# Export & Import Wordpress blog



## xmarkx (Jan 27, 2014)

Hello,

I have a problem here. I am running a blog under wordpress.com with almost 100 posts. Nothing big. I want to export everything to my computer. I am also running xampp and I installed a new wordpress blog at my localhost. Same theme. When I tried to upload the xml file things went wrong.

Feature image can not be uploaded.
Some posts are not uploaded (~60% of whole was successfully uploaded)
At me home page there are no posts and only the first hello (default post)

Can anyone help me out? What am i doing wrong? :? My goal is to create a blog at my localhost and then upload it to a new server where i can fully customize it.
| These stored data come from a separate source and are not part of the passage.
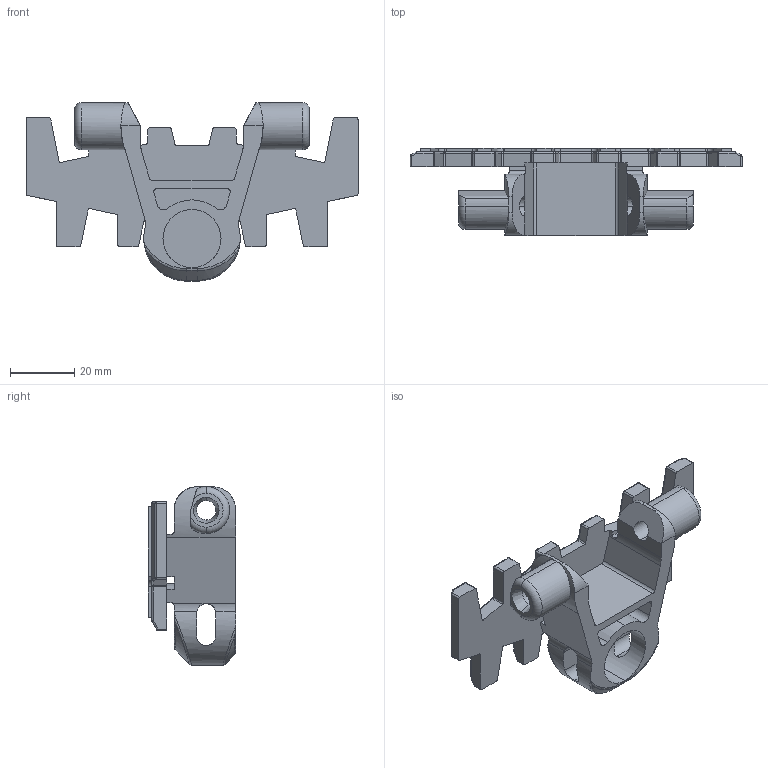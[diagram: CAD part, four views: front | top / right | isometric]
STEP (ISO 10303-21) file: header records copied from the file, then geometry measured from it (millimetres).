
FILE_DESCRIPTION (( 'STEP AP214' ), '1' );
FILE_NAME ('FCFC-5.STEP', '2011-07-04T12:03:39', ( '.' ), ( '' ), 'SwSTEP 2.0', 'SolidWorks 2010', '' );
FILE_SCHEMA (( 'AUTOMOTIVE_DESIGN' ));
Length unit declared in the file: millimetre
Products named in the file (1): FCFC-5
Bounding box: 103 x 27 x 55.3 mm (x, y, z)
Volume: 31272.2 mm3; surface area: 17397.4 mm2
Topology: 1 solids, 1 shells, 412 faces, 1084 edges, 646 vertices
Faces by surface type: cylinder 188, plane 140, sphere 38, torus 34, cone 8, bspline 4
Entity records: 13505 total; most frequent: CARTESIAN_POINT 3319, DIRECTION 2208, ORIENTED_EDGE 2120, EDGE_CURVE 1060, AXIS2_PLACEMENT_3D 813, VERTEX_POINT 646, VECTOR 582, LINE 582
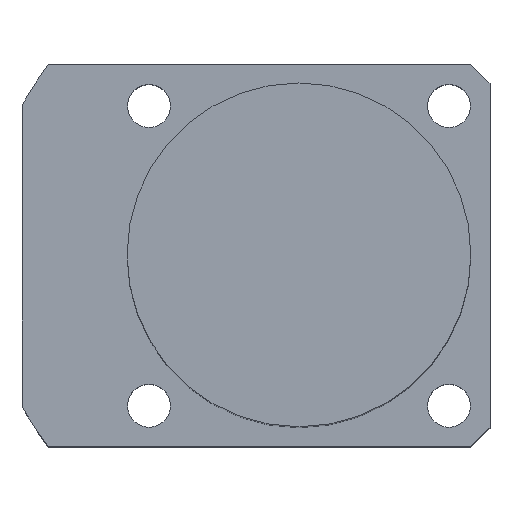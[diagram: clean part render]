
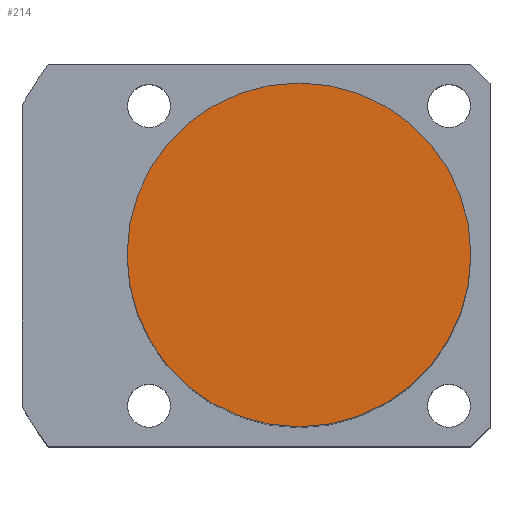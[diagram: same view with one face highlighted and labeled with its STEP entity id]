
A CAD part, top view. The second image highlights one B-rep face of the part: STEP entity #214.
In plain terms, the highlighted planar face has unit normal (0, 0, 1).
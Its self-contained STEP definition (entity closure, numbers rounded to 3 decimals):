
#119 = CARTESIAN_POINT ( 'NONE',  ( 0., 0., 68.5 ) ) ;
#214 = ADVANCED_FACE ( 'NONE', ( #834 ), #622, .T. ) ;
#278 = DIRECTION ( 'NONE',  ( 1., 0., 0. ) ) ;
#327 = DIRECTION ( 'NONE',  ( 0., 0., 1. ) ) ;
#337 = AXIS2_PLACEMENT_3D ( 'NONE', #119, #406, #278 ) ;
#348 = ORIENTED_EDGE ( 'NONE', *, *, #495, .T. ) ;
#406 = DIRECTION ( 'NONE',  ( 0., 0., 1. ) ) ;
#495 = EDGE_CURVE ( 'NONE', #686, #749, #1630, .T. ) ;
#622 = PLANE ( 'NONE',  #1656 ) ;
#686 = VERTEX_POINT ( 'NONE', #1520 ) ;
#749 = VERTEX_POINT ( 'NONE', #1108 ) ;
#752 = CARTESIAN_POINT ( 'NONE',  ( 0., 0., 68.5 ) ) ;
#780 = DIRECTION ( 'NONE',  ( 1., 0., 0. ) ) ;
#834 = FACE_OUTER_BOUND ( 'NONE', #1766, .T. ) ;
#899 = DIRECTION ( 'NONE',  ( 1., 0., 0. ) ) ;
#1108 = CARTESIAN_POINT ( 'NONE',  ( -18., 0., 68.5 ) ) ;
#1210 = CARTESIAN_POINT ( 'NONE',  ( 0., 0., 68.5 ) ) ;
#1280 = EDGE_CURVE ( 'NONE', #749, #686, #1468, .T. ) ;
#1468 = CIRCLE ( 'NONE', #1503, 18. ) ;
#1503 = AXIS2_PLACEMENT_3D ( 'NONE', #1210, #327, #780 ) ;
#1520 = CARTESIAN_POINT ( 'NONE',  ( 18., 0., 68.5 ) ) ;
#1617 = ORIENTED_EDGE ( 'NONE', *, *, #1280, .T. ) ;
#1630 = CIRCLE ( 'NONE', #337, 18. ) ;
#1656 = AXIS2_PLACEMENT_3D ( 'NONE', #752, #1799, #899 ) ;
#1766 = EDGE_LOOP ( 'NONE', ( #1617, #348 ) ) ;
#1799 = DIRECTION ( 'NONE',  ( 0., 0., 1. ) ) ;
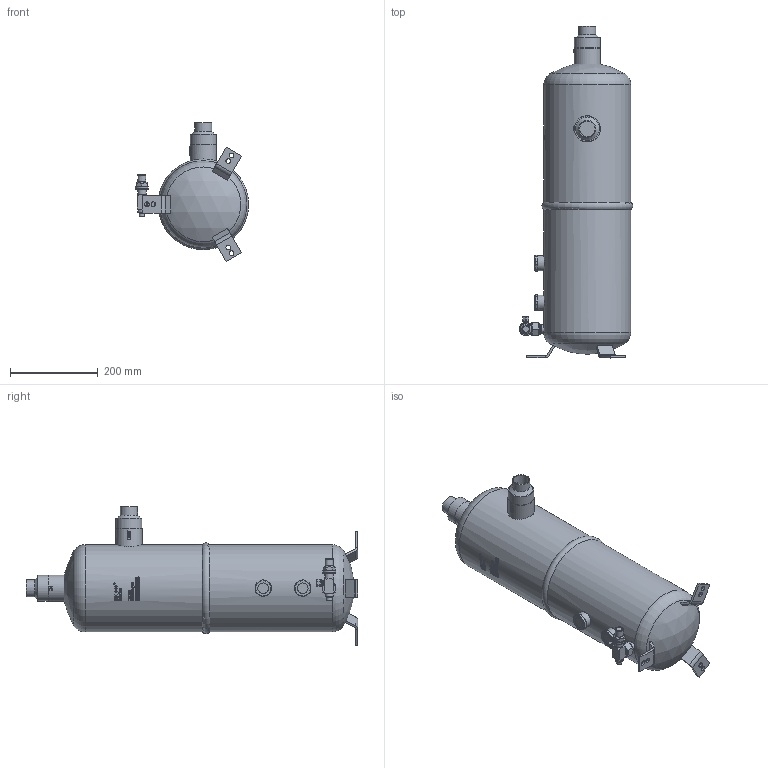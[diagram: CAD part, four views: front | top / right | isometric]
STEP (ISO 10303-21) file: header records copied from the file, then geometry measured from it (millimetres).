
FILE_DESCRIPTION(/* description */ (''),/* implementation_level */ '2;1');
FILE_NAME(/* name */ 'P:\OSR\OSR-7-54_35\OSR-7-54_35.stp',/* time_stamp */ '2015-10-27T15:30:15+01:00',/* author */ ('neufeld'),/* organization */ (''),/* preprocessor_version */ 'ST-DEVELOPER v15.2',/* originating_system */ 'Autodesk Inventor 2014',/* authorisation */ '');
FILE_SCHEMA (('AUTOMOTIVE_DESIGN { 1 0 10303 214 3 1 1 }'));
Length unit declared in the file: millimetre
Products named in the file (7): OSR-7-54_35-Rev.2_AG-Kunde; Körper für RAV-1-10-CD; Kappe1; Überwurfmutter 1Zoll; Kappe_DENA-LINE; RAV-1-10-CD
Bounding box: 258.02 x 755.22 x 315.94 mm (x, y, z)
Volume: 19882706 mm3; surface area: 520320.9 mm2
Topology: 8 solids, 8 shells, 1730 faces, 4585 edges, 3023 vertices
Faces by surface type: bspline 765, plane 627, cylinder 269, cone 59, torus 8, sphere 2
Full cylindrical faces by diameter (mm): 4 x1, 6.5 x1, 9 x2, 9.4 x1, 10.1 x1, 10.2 x1, 10.72 x1, 10.8 x6, 11 x1, 13 x1, 14 x1, 15 x1, 16.1 x1, 16.7 x1, 16.8 x1, 17 x1, 18 x1, 18.3 x1, 19 x1, 19.05 x1, 20 x3, 22.5 x2, 23 x1, 23.6 x2, 24.2 x2, 25.2 x1, 32.2 x1, 35 x2, 35.2 x2, 39 x2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
Entity records: 223891 total; most frequent: CARTESIAN_POINT 187226, ORIENTED_EDGE 8944, DIRECTION 4891, EDGE_CURVE 4460, VERTEX_POINT 2993, EDGE_LOOP 1991, B_SPLINE_CURVE_WITH_KNOTS 1947, LINE 1771

thank you for your time guys.


----------



## wmorri (May 29, 2008)

I would start with reading the Moving WordPress. It should get you started and pointed in the right direction.


----------



## sobeit (Nov 11, 2007)

I would say you have some settings wrong at the local host. try opening the xml file with notepad or some other text editor and see if any of the missing posts are in the file. you will see a bunch of strange symbols between posts but the post themselves will be readable. this will verify that your xml file is okay. if the posts are missing, then you will need to export the file again from wordpress.com

if the xml file is okay, then check to see if the missing posts are from the same catagories. for example if all of your posts are in one catagory but another is missing posts, you need to check the catagory setting. what about widgets settings? are they the same? some widgets at wordpress.com is a modified addon. so you may need the actual addon in the script.


----------